Structure-Inspired Lineage-Specific Matrix for Endogenous Neurogenesis in Spinal Cord Injury.

作者信息

Wu Bo, Lei Xuejiao, Ru Xufang, Zhou Jiangling, Liu Hao, Gan Yibo, Wang Yan, Li Wenyan

机构信息

School of Medicine, Nankai University, Tianjin 300071, China.

Department of Orthopedics, General Hospital of Chinese People's Liberation Army, Beijing 100853, China.

出版信息

Research (Wash D C). 2025 Aug 7;8:0821. doi: 10.34133/research.0821. eCollection 2025.

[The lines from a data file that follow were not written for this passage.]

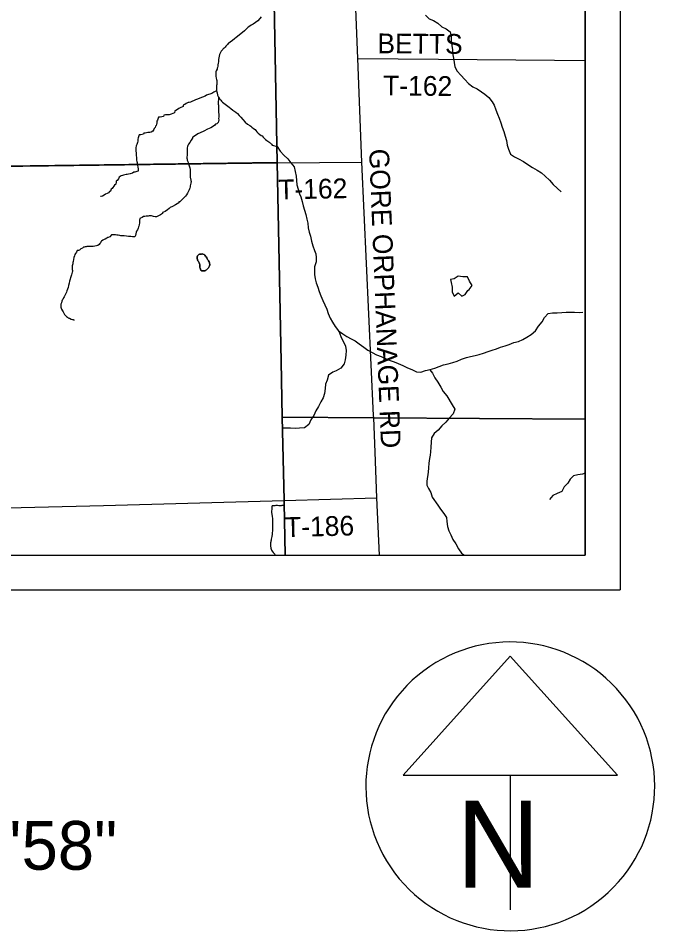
# Model space of a CAD drawing. Extents: x 0 to 34, y 0 to 22.
# Drawn here: x 7.272 to 9.099, y 13.02 to 15.642 of the extents above; entities that cross this region are included whole.
import ezdxf

# ---------------------------------------------------------------- set-up
doc = ezdxf.new("R2010")
doc.units = 0
for name, color, linetype in [('GM_X_Corporation', 7, 'Continuous'), ('GM_X_County_Road', 7, 'Continuous'), ('GM_X_County_Road_Text', 7, 'Continuous'), ('GM_X_Minor_Lake', 7, 'Continuous'), ('GM_X_Minor_River', 7, 'Continuous'), ('GM_X_Township_Road', 7, 'Continuous'), ('GM_X_Township_Road_Text', 7, 'Continuous'), ('SH_Data', 7, 'Continuous'), ('SH_Text', 7, 'Continuous')]:
    doc.layers.add(name, color=color, linetype=linetype)

msp = doc.modelspace()

# ---------------------------------------------------------------- linework, layer by layer
at = {"layer": 'GM_X_Corporation'}
for points in [[(7.992, 16.4534), (8.0153, 15.2273), (8.0262, 14.6555), (8.0297, 14.4963), (8.0349, 14.2572), (8.035, 14.2498), (8.0383, 14.1), (8.9, 14.1), (8.9, 20.9)], [(2.1, 20.2456), (2.1, 14.1), (8.0383, 14.1), (8.035, 14.2498), (8.0349, 14.2572), (8.0297, 14.4963), (8.0262, 14.6555), (8.0153, 15.2273), (7.992, 16.4534)], [(5.9099, 15.7256), (5.9099, 15.2138), (6.1026, 15.2145), (6.7394, 15.212), (6.9496, 15.2134), (8.0153, 15.2273), (7.992, 16.4534)]]:
    msp.add_lwpolyline(points, dxfattribs=at)
for points in [[(7.9196, 19.2769), (7.9387, 18.4008), (7.951, 17.9078), (7.9575, 17.6697), (7.9659, 17.2939), (7.973, 17.0583), (7.9733, 17.0489), (7.9799, 16.8298), (7.992, 16.4534), (8.0153, 15.2273), (8.0262, 14.6555), (8.0297, 14.4963), (8.2922, 14.4944), (8.9, 14.4898), (8.9, 19.6997), (8.7801, 19.7002), (8.7801, 19.2769)], [(3.6901, 15.2048), (3.5209, 15.2041), (2.7366, 15.2014), (2.7422, 14.8151), (2.7753, 14.1537), (2.7761, 14.1), (8.0383, 14.1), (8.035, 14.2498), (8.0349, 14.2572), (8.0297, 14.4963), (8.0262, 14.6555), (8.0153, 15.2273), (6.9496, 15.2134), (6.7394, 15.212), (6.1026, 15.2145), (5.9099, 15.2138), (5.9099, 15.0085), (3.6901, 15.0085)], [(8.0383, 14.1), (8.9, 14.1), (8.9, 14.4898), (8.2922, 14.4944), (8.0297, 14.4963), (8.0349, 14.2572), (8.035, 14.2498)]]:
    msp.add_lwpolyline(points, close=True, dxfattribs=at)
at = {"layer": 'GM_X_County_Road'}
for p, q in [((8.2583, 15.2291), (8.2463, 15.5263)), ((8.2921, 14.5007), (8.2583, 15.2291))]:
    msp.add_line(p, q, dxfattribs=at)
for points in [[(8.2463, 15.5263), (8.2291, 15.9577), (8.215, 16.333), (8.206, 16.5759), (8.1937, 16.9162), (8.1904, 17.0478)], [(8.3094, 14.1), (8.3012, 14.2639), (8.2967, 14.3954), (8.2924, 14.4938), (8.2921, 14.5007)], [(6.9836, 14.2295), (7.1599, 14.2339), (7.5161, 14.2424), (8.0351, 14.2567)]]:
    msp.add_lwpolyline(points, dxfattribs=at)
at = {"layer": 'GM_X_Minor_Lake'}
for points in [[(7.7888, 14.9624), (7.788, 14.9615), (7.7861, 14.9592), (7.7853, 14.9569), (7.7853, 14.9546), (7.7853, 14.9527), (7.7854, 14.952)], [(7.7854, 14.952), (7.7853, 14.9527), (7.7853, 14.9546), (7.7853, 14.9569), (7.7861, 14.9592), (7.788, 14.9615), (7.7888, 14.9624)], [(7.7854, 14.952), (7.7876, 14.9455), (7.7887, 14.9436), (7.7898, 14.9417), (7.791, 14.939), (7.7925, 14.9363), (7.7928, 14.9344), (7.7928, 14.9321), (7.7928, 14.9287), (7.7932, 14.9264), (7.7939, 14.9238), (7.7947, 14.9211), (7.7962, 14.9184), (7.7988, 14.9169), (7.8019, 14.9161), (7.8038, 14.9161), (7.8057, 14.9161), (7.808, 14.9165), (7.8107, 14.918), (7.8126, 14.9191), (7.816, 14.9229), (7.8179, 14.9251), (7.8187, 14.927), (7.8202, 14.9289), (7.8206, 14.9312), (7.8214, 14.9335), (7.8214, 14.9354), (7.821, 14.9373), (7.8207, 14.9392), (7.8196, 14.9422), (7.818, 14.9449), (7.8169, 14.9468), (7.8154, 14.9491), (7.8143, 14.951), (7.8128, 14.9541), (7.8109, 14.9564), (7.8093, 14.9583), (7.8075, 14.961), (7.8052, 14.9629), (7.8018, 14.9644), (7.7995, 14.9648), (7.798, 14.9645)], [(7.798, 14.9645), (7.7995, 14.9648), (7.8018, 14.9644), (7.8052, 14.9629), (7.8075, 14.961), (7.8093, 14.9583), (7.8109, 14.9564), (7.8128, 14.9541), (7.8143, 14.951), (7.8154, 14.9491), (7.8169, 14.9468), (7.818, 14.9449), (7.8196, 14.9422), (7.8207, 14.9392), (7.821, 14.9373), (7.8214, 14.9354), (7.8214, 14.9335), (7.8206, 14.9312), (7.8202, 14.9289), (7.8187, 14.927), (7.8179, 14.9251), (7.816, 14.9229), (7.8126, 14.9191), (7.8107, 14.918), (7.808, 14.9165), (7.8057, 14.9161), (7.8038, 14.9161), (7.8019, 14.9161), (7.7988, 14.9169), (7.7962, 14.9184), (7.7947, 14.9211), (7.7939, 14.9238), (7.7932, 14.9264), (7.7928, 14.9287), (7.7928, 14.9321), (7.7928, 14.9344), (7.7925, 14.9363), (7.791, 14.939), (7.7898, 14.9417), (7.7887, 14.9436), (7.7876, 14.9455), (7.7854, 14.952)], [(7.798, 14.9645), (7.7922, 14.9645), (7.7899, 14.9637), (7.7888, 14.9624)], [(7.7888, 14.9624), (7.7899, 14.9637), (7.7922, 14.9645), (7.798, 14.9645)], [(8.5627, 14.8597), (8.5665, 14.8627), (8.5747, 14.874), (8.5672, 14.887), (8.5617, 14.8993), (8.548, 14.8991), (8.5351, 14.9012), (8.5235, 14.893), (8.5124, 14.892)], [(8.5124, 14.892), (8.515, 14.8832), (8.5175, 14.8695), (8.5177, 14.8558), (8.5232, 14.8432), (8.5348, 14.8529), (8.5453, 14.844), (8.5553, 14.8484), (8.5627, 14.8597)], [(8.5124, 14.892), (8.515, 14.8832), (8.5175, 14.8695), (8.5177, 14.8558), (8.5232, 14.8432), (8.5348, 14.8529), (8.5453, 14.844), (8.5553, 14.8484), (8.5627, 14.8597)], [(8.5627, 14.8597), (8.5665, 14.8627), (8.5747, 14.874), (8.5672, 14.887), (8.5617, 14.8993), (8.548, 14.8991), (8.5351, 14.9012), (8.5235, 14.893), (8.5125, 14.892)]]:
    msp.add_lwpolyline(points, dxfattribs=at)
at = {"layer": 'GM_X_Minor_River'}
for points in [[(7.9695, 15.646), (7.9653, 15.6418), (7.9596, 15.635), (7.9531, 15.6297), (7.9466, 15.6252), (7.9405, 15.6222), (7.9362, 15.6196), (7.932, 15.6162), (7.9267, 15.6113), (7.9209, 15.606), (7.9152, 15.6015), (7.8976, 15.5871), (7.8922, 15.5834), (7.8865, 15.5781), (7.8804, 15.5735), (7.8758, 15.5709), (7.8739, 15.5694), (7.872, 15.5671), (7.8701, 15.5649), (7.8681, 15.5622), (7.8658, 15.5592), (7.8628, 15.5562), (7.8601, 15.5543), (7.8586, 15.5524), (7.857, 15.5505), (7.8543, 15.5475), (7.8532, 15.5456), (7.8513, 15.5422), (7.8509, 15.5403), (7.8497, 15.5376), (7.8489, 15.5334), (7.8478, 15.5285), (7.847, 15.5236), (7.847, 15.519), (7.8462, 15.5171), (7.8454, 15.5129), (7.845, 15.5087), (7.8446, 15.5042), (7.8438, 15.5008), (7.843, 15.4989), (7.8423, 15.4962), (7.84, 15.4913), (7.8392, 15.4886), (7.8388, 15.4852), (7.8388, 15.4803), (7.8391, 15.4753), (7.8398, 15.4696), (7.8413, 15.4658), (7.8417, 15.4631), (7.8421, 15.4601), (7.8421, 15.4555), (7.8417, 15.4517), (7.8413, 15.4487), (7.8412, 15.4453), (7.8408, 15.4422), (7.8408, 15.4361), (7.8412, 15.4331), (7.8423, 15.4281), (7.8438, 15.4213), (7.8468, 15.4152), (7.8498, 15.4106), (7.8513, 15.4087), (7.8532, 15.4064), (7.8555, 15.4037), (7.8585, 15.401), (7.8619, 15.398), (7.8654, 15.3957), (7.8692, 15.3922), (7.8733, 15.3895), (7.8771, 15.3864), (7.8817, 15.383), (7.8874, 15.3776), (7.8961, 15.3726), (7.9014, 15.3684), (7.9059, 15.3631), (7.9109, 15.3577), (7.9166, 15.3512), (7.923, 15.3439), (7.9298, 15.3382), (7.9363, 15.3343), (7.9397, 15.3324), (7.9427, 15.3293), (7.9473, 15.3255), (7.9518, 15.3224), (7.9541, 15.3194), (7.9567, 15.3155), (7.9609, 15.3117), (7.9655, 15.3083), (7.9696, 15.3056), (7.9719, 15.304), (7.9749, 15.3002), (7.9776, 15.2975), (7.9795, 15.296)], [(8.4412, 15.6509), (8.4517, 15.6409), (8.4642, 15.6361), (8.4766, 15.6276), (8.4875, 15.6171), (8.5, 15.6116), (8.5121, 15.6031), (8.5149, 15.5901), (8.5148, 15.5764), (8.5169, 15.5635), (8.519, 15.5513), (8.5192, 15.5372), (8.5213, 15.5277), (8.523, 15.5147), (8.5255, 15.5021), (8.5315, 15.4902), (8.5423, 15.4787), (8.5536, 15.4659), (8.5641, 15.4551), (8.5769, 15.4451), (8.589, 15.4392), (8.6014, 15.431), (8.6113, 15.4244), (8.6233, 15.4147), (8.6326, 15.4024), (8.6378, 15.3928), (8.643, 15.379), (8.6478, 15.3668), (8.6522, 15.3549), (8.6569, 15.3419), (8.6609, 15.3293), (8.6661, 15.3163), (8.6697, 15.303), (8.6734, 15.2907), (8.6758, 15.2778), (8.6791, 15.2656), (8.6854, 15.2518), (8.6963, 15.2444), (8.708, 15.2385), (8.722, 15.2307), (8.7348, 15.2217), (8.748, 15.2132), (8.762, 15.2054), (8.7741, 15.1983), (8.785, 15.1887), (8.7967, 15.1767), (8.8079, 15.1647), (8.8192, 15.1535), (8.8308, 15.1431)], [(7.8412, 15.4331), (7.8366, 15.4316), (7.8332, 15.4293), (7.8278, 15.4263), (7.8118, 15.4211), (7.808, 15.4181), (7.8007, 15.4155), (7.7927, 15.4125), (7.7866, 15.4095), (7.7809, 15.4073), (7.777, 15.4058), (7.7747, 15.405), (7.7717, 15.4035), (7.766, 15.4013), (7.7622, 15.4005), (7.7591, 15.4002), (7.7534, 15.3968), (7.7503, 15.3945), (7.7469, 15.393), (7.745, 15.3927), (7.7449, 15.3881), (7.7362, 15.3851), (7.7323, 15.3832), (7.7289, 15.3798), (7.7243, 15.3772), (7.7213, 15.3761), (7.7205, 15.3708), (7.7109, 15.3666), (7.7048, 15.3648), (7.7014, 15.3648), (7.6945, 15.3645), (7.6896, 15.3637), (7.6888, 15.3603), (7.6793, 15.3581), (7.6747, 15.3578), (7.6716, 15.3494), (7.6697, 15.346), (7.6693, 15.3418), (7.6693, 15.3399), (7.6689, 15.3376), (7.6677, 15.3342), (7.6658, 15.3316), (7.6643, 15.3285), (7.6623, 15.3251), (7.6608, 15.3225), (7.6581, 15.3179), (7.6535, 15.3149), (7.6493, 15.3134), (7.647, 15.3138), (7.6436, 15.3135), (7.6402, 15.3131), (7.6356, 15.3124), (7.6326, 15.3124), (7.6314, 15.309), (7.6238, 15.3071), (7.6188, 15.3068), (7.6157, 15.2981), (7.6153, 15.295), (7.6149, 15.2931), (7.6145, 15.2889), (7.6137, 15.2848), (7.6122, 15.2798), (7.6106, 15.2753), (7.6095, 15.27), (7.6094, 15.2627), (7.6101, 15.2521), (7.6105, 15.2498), (7.6105, 15.2464), (7.6109, 15.2426), (7.6112, 15.2384), (7.6116, 15.2346), (7.6123, 15.2308), (7.6127, 15.2277), (7.613, 15.2228), (7.6142, 15.219), (7.6145, 15.2152), (7.6153, 15.2129), (7.6156, 15.211), (7.6156, 15.2087), (7.6156, 15.2064), (7.6156, 15.203), (7.6125, 15.2019), (7.6095, 15.2011), (7.6064, 15.2), (7.6038, 15.1996), (7.5999, 15.1966), (7.5931, 15.1952), (7.5881, 15.194), (7.5839, 15.1933), (7.5816, 15.1929), (7.5778, 15.1922), (7.574, 15.1911), (7.571, 15.1904), (7.5675, 15.1892), (7.5641, 15.187), (7.561, 15.1859), (7.5599, 15.1809), (7.5553, 15.176), (7.553, 15.1737), (7.5526, 15.1715), (7.5518, 15.1658)], [(7.8468, 15.4152), (7.8459, 15.3954), (7.8463, 15.3924), (7.8463, 15.3897), (7.8463, 15.3851), (7.8462, 15.3802), (7.8462, 15.3771), (7.8466, 15.3733), (7.8469, 15.3703), (7.8473, 15.368), (7.8473, 15.3661), (7.8477, 15.3634), (7.8473, 15.3608), (7.8473, 15.3577), (7.8469, 15.3539), (7.8472, 15.3501), (7.8472, 15.3482), (7.8468, 15.346), (7.8453, 15.3422), (7.8414, 15.3388), (7.8384, 15.338), (7.8361, 15.3354), (7.8319, 15.3316), (7.825, 15.3275), (7.8151, 15.323), (7.8048, 15.3173), (7.7941, 15.3128), (7.7872, 15.3098), (7.7746, 15.3016), (7.7723, 15.3008), (7.7723, 15.2978), (7.7681, 15.2921), (7.7642, 15.2853), (7.7604, 15.28), (7.7585, 15.2766), (7.7573, 15.2732), (7.7565, 15.2697), (7.7565, 15.2644), (7.7568, 15.2606), (7.7568, 15.2572), (7.7568, 15.2526), (7.7564, 15.2477), (7.7556, 15.2439), (7.756, 15.2401), (7.7567, 15.2374), (7.7571, 15.2344), (7.7582, 15.2306), (7.7597, 15.2264), (7.7612, 15.221), (7.7642, 15.2123), (7.7649, 15.2073), (7.7653, 15.2027), (7.7653, 15.1986), (7.7652, 15.1925), (7.7652, 15.186), (7.7663, 15.1811), (7.7671, 15.1788), (7.7674, 15.1757), (7.7678, 15.1731), (7.7674, 15.1685), (7.7662, 15.1643), (7.7655, 15.1609), (7.7651, 15.1582), (7.7643, 15.1544), (7.7631, 15.1522), (7.7624, 15.1495), (7.7604, 15.145), (7.7577, 15.1397), (7.7547, 15.1344), (7.752, 15.1309), (7.7351, 15.1147), (7.7325, 15.1143), (7.7324, 15.1121), (7.7229, 15.106), (7.7145, 15.1012), (7.708, 15.0982), (7.7049, 15.0955), (7.7, 15.0914), (7.6938, 15.0865), (7.6885, 15.0846), (7.6862, 15.0842), (7.6858, 15.0812), (7.6801, 15.0774), (7.6763, 15.0755), (7.6743, 15.0744), (7.6709, 15.0725), (7.6682, 15.0714), (7.6644, 15.0714), (7.6595, 15.0726), (7.6542, 15.0742), (7.65, 15.0746), (7.6477, 15.0746), (7.6442, 15.0739), (7.6393, 15.0731), (7.6347, 15.0724), (7.6309, 15.0721), (7.6275, 15.0698), (7.6225, 15.0679)], [(7.9795, 15.296), (7.9814, 15.2933), (7.9852, 15.2906), (7.9886, 15.2887), (7.9909, 15.2872), (7.9932, 15.2853), (7.9954, 15.2841), (7.9988, 15.2803), (8.0011, 15.2776), (8.0154, 15.2738)], [(8.0154, 15.2738), (8.0238, 15.2599), (8.0343, 15.2487), (8.0456, 15.2383), (8.0546, 15.2264), (8.0635, 15.2148), (8.0672, 15.2014), (8.0696, 15.1885), (8.071, 15.1759), (8.072, 15.1633), (8.0756, 15.1507), (8.0796, 15.1381), (8.0829, 15.1286), (8.0865, 15.116), (8.0894, 15.103), (8.0934, 15.0904), (8.0974, 15.0782), (8.1007, 15.0652), (8.1028, 15.053), (8.1045, 15.0397), (8.1074, 15.0274), (8.111, 15.0156), (8.1139, 15.0019), (8.1179, 14.9881), (8.1226, 14.9751), (8.1259, 14.9652), (8.1273, 14.9549), (8.1271, 14.942), (8.1227, 14.928), (8.1219, 14.9185), (8.1224, 14.9055), (8.1242, 14.8937), (8.1271, 14.8823), (8.1315, 14.8697), (8.1358, 14.8567), (8.1406, 14.8444), (8.1458, 14.8314), (8.1517, 14.8188), (8.1576, 14.8065), (8.1612, 14.7939), (8.1671, 14.7802), (8.1735, 14.7686), (8.182, 14.7564), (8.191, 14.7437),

DOI:10.34133/research.0821
PMID:40777597
原文链接:https://pmc.ncbi.nlm.nih.gov/articles/PMC12329214/
Abstract

Spinal cord injury (SCI) poses substantial challenges, often leading to permanent disability and requiring adequate neuronal regeneration for functional repair. Decellularized spinal cord (DSC) matrices hold promise due to their native 3-dimensional (3D) structure and extracellular matrix (ECM)-derived biochemical components. However, their limited mechanical properties and insufficient availability of growth factors hinder their effectiveness. To address these limitations, this study introduces a core-shell design that reinforces DSC with a hydrogel-based matrix capable of delivering essential growth factors while preserving its natural structure. By leveraging 3D printing and electrostatic adsorption, the engineered matrix retains the topological features of DSC while introducing new topographical and neurogenic cues. These instructive cues facilitated an 11-fold increase in the number of newly generated neuronal cells, demonstrating lineage-specific neuronal regeneration in vivo. Mechanistically, the synergistic effects of ECM-inspired structure and biochemical cues activated the ITGA2/ITGA11-ERK/AKT signaling axis and promoted M2 macrophage/microglia polarization, thereby reducing cavity and scar formation. This optimized microenvironment enhanced endogenous neurogenesis and supported functional recovery after SCI. Overall, this study developed a structure-inspired lineage-specific matrix that effectively stimulates endogenous neuronal regeneration, highlighting its potential for advancing spinal cord repair strategies.

摘要

脊髓损伤(SCI)带来了巨大挑战,常常导致永久性残疾,并且需要足够的神经元再生以实现功能修复。去细胞脊髓(DSC)基质因其天然的三维(3D)结构和源自细胞外基质(ECM)的生化成分而具有应用前景。然而,它们有限的机械性能和生长因子的可用性不足阻碍了其有效性。为了解决这些局限性,本研究引入了一种核壳设计,用一种能够递送必需生长因子同时保留其天然结构的水凝胶基基质来增强DSC。通过利用3D打印和静电吸附,工程化基质保留了DSC的拓扑特征,同时引入了新的地形学和神经源性线索。这些指导性线索使新生成的神经元细胞数量增加了11倍,证明了体内谱系特异性神经元再生。从机制上讲,受ECM启发的结构和生化线索的协同作用激活了ITGA2/ITGA11-ERK/AKT信号轴,并促进了M2巨噬细胞/小胶质细胞极化,从而减少了空洞和瘢痕形成。这种优化的微环境增强了内源性神经发生,并支持了SCI后的功能恢复。总体而言,本研究开发了一种受结构启发的谱系特异性基质,可有效刺激内源性神经元再生,突出了其推进脊髓修复策略的潜力。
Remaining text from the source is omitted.